I don't think the consensus here at diyma is that "all amps sound the same", I think the reality is that all amps can be made to sound the same with enough processing. Everyone has an opinion about everything on the internet, the hard part is weeding through the biased opinions and ********, so that you can get down to the facts and proven science. In the end, wrong and right play very little difference in what matters to you?


----------



## TOOSTUBBORN2FAIL (Jan 31, 2011)

A better question is do the amps that sound different measure different? 

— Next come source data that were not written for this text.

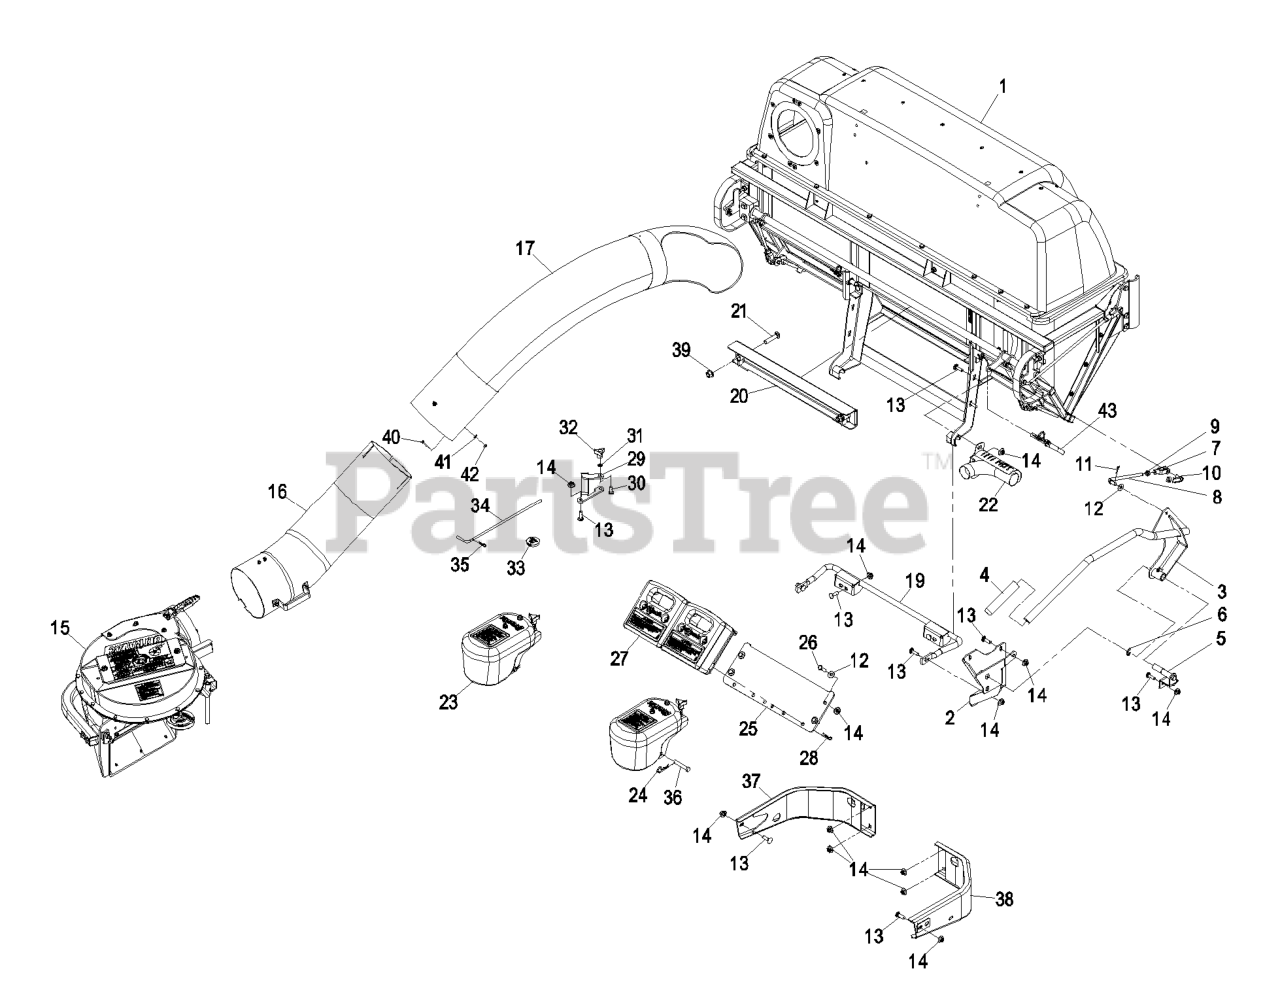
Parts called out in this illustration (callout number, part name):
1	Asm, Hopper
2	MOUNT-PIVOT
3	WLD,DUMP HANDLE
4	HANDLE-GRIP
5	PIN-HANDLE
7	YOKE-LINKAGE, BRAKE
8	LINK-HANDLE
9	NUT-HEX
10	PIN-SPRING, CLEVIS
11	PIN-COTTER
12	WASHER-FLAT
13	Bolt-Carriage 3/8-16 X 1 1/4
14	Nut-Nyloc 3/8-16 Flg
15	ASM, BLOWER LARGE - SVC O
16	LOWER TUBE ASM
17	TUBE-UPPER
19	MOUNT-BAGGER, LOWER
20	MOUNT-BAGGER, UPPER
21	SCREW-CARR
23	ASM,CASTER WEIGHT
24	PIN-COTTER
25	PLATE,WEIGHT ASM MOUNT
26	SCREW-HH
27	ASM,CAST WEIGHT
28	PIN-HAIR
29	BRACKET,BELT COVER
30	BOLT-CARR
31	RING-RETAINING, BOLT
32	KNOB-3 PRONG
33	PLUG, BLACK NYLON 1.75
34	PIN,CHUTE PIVOT
35	PIN-COTTER
36	PIN-CLEVIS
37	BUMPER-RH
38	LH BUMPER ASM
39	Nut-Lock 1/2-13
40	SCREW-HWH
41	WASHER-FLAT
42	NUT-LOCK, NI
43	PIN-MOUNT, BAGGER
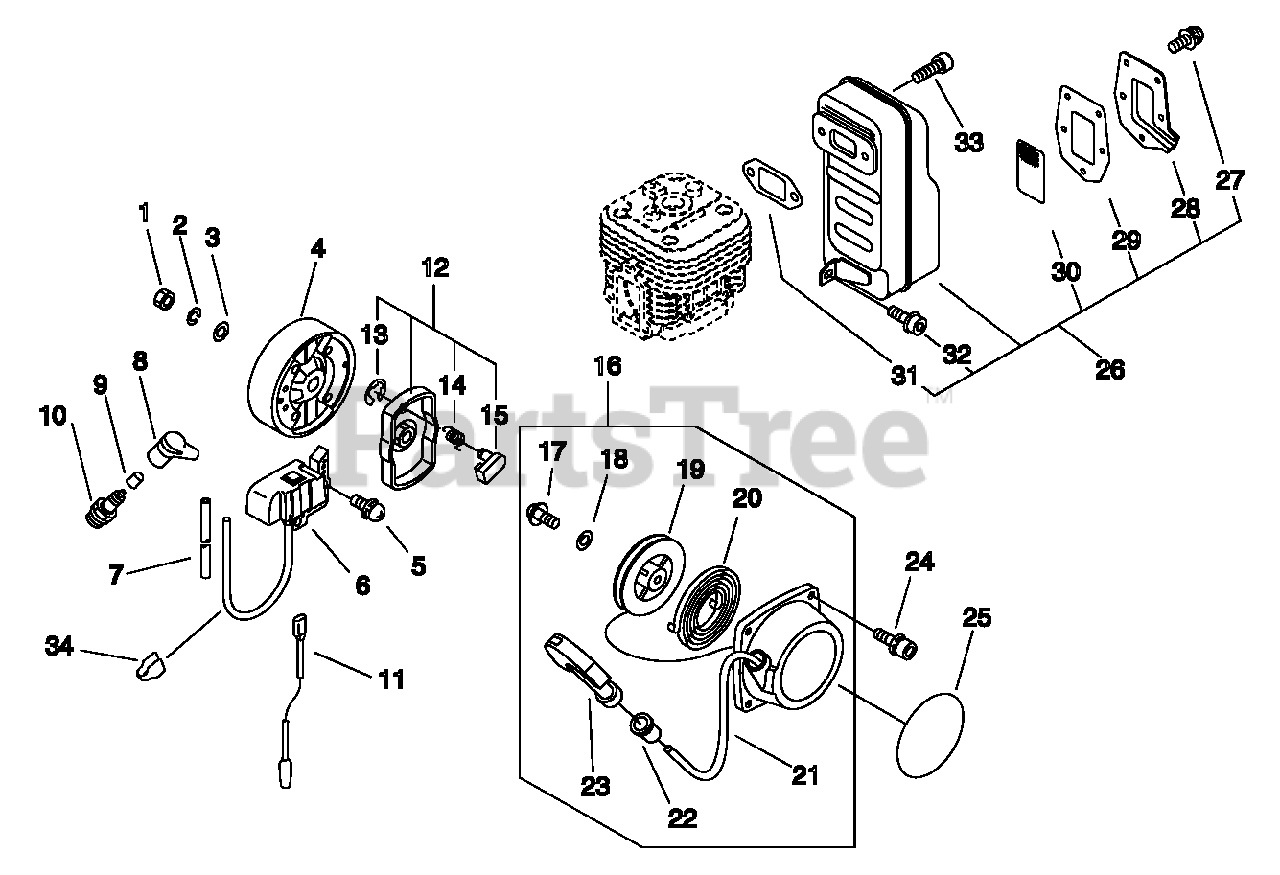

And if they dont, are the tests truly blind and fair?


----------



## rc10mike (Mar 27, 2008)

They also say over at headfi that a $400 headphone cable can make cans sound brighter, so IDK...


----------



## vrdublu (Apr 13, 2009)

rc10mike said:


> They also say over at headfi that a $400 headphone cable can make cans sound brighter, so IDK...


Apparently copper makes them sound warmer as well.


----------



## RNBRAD (Oct 30, 2012)

In a double blind, no one can tell the difference. When people see a change, or believe a change, then they will experience the difference. If they believe its a better change, their experience will be good and vice versa.


----------



## therapture (Jan 31, 2013)

There was a real test done on speaker wire, using some high end ****, and some truly low end **** (coat hanger wire). 

Nobody could tell the difference.

Anyone that thinks a $400 headphone cable is going to be drastically different than a $10 one...well, I got some cheap waterfront property for sale located only 10 miles from the gulf.


----------



## Bryce418 (Jan 10, 2013)

AndroidCarAud said:


> Hey,
> Speakers let lots of people listen, whether they want to or not; headphones keep the sonic fun to one person.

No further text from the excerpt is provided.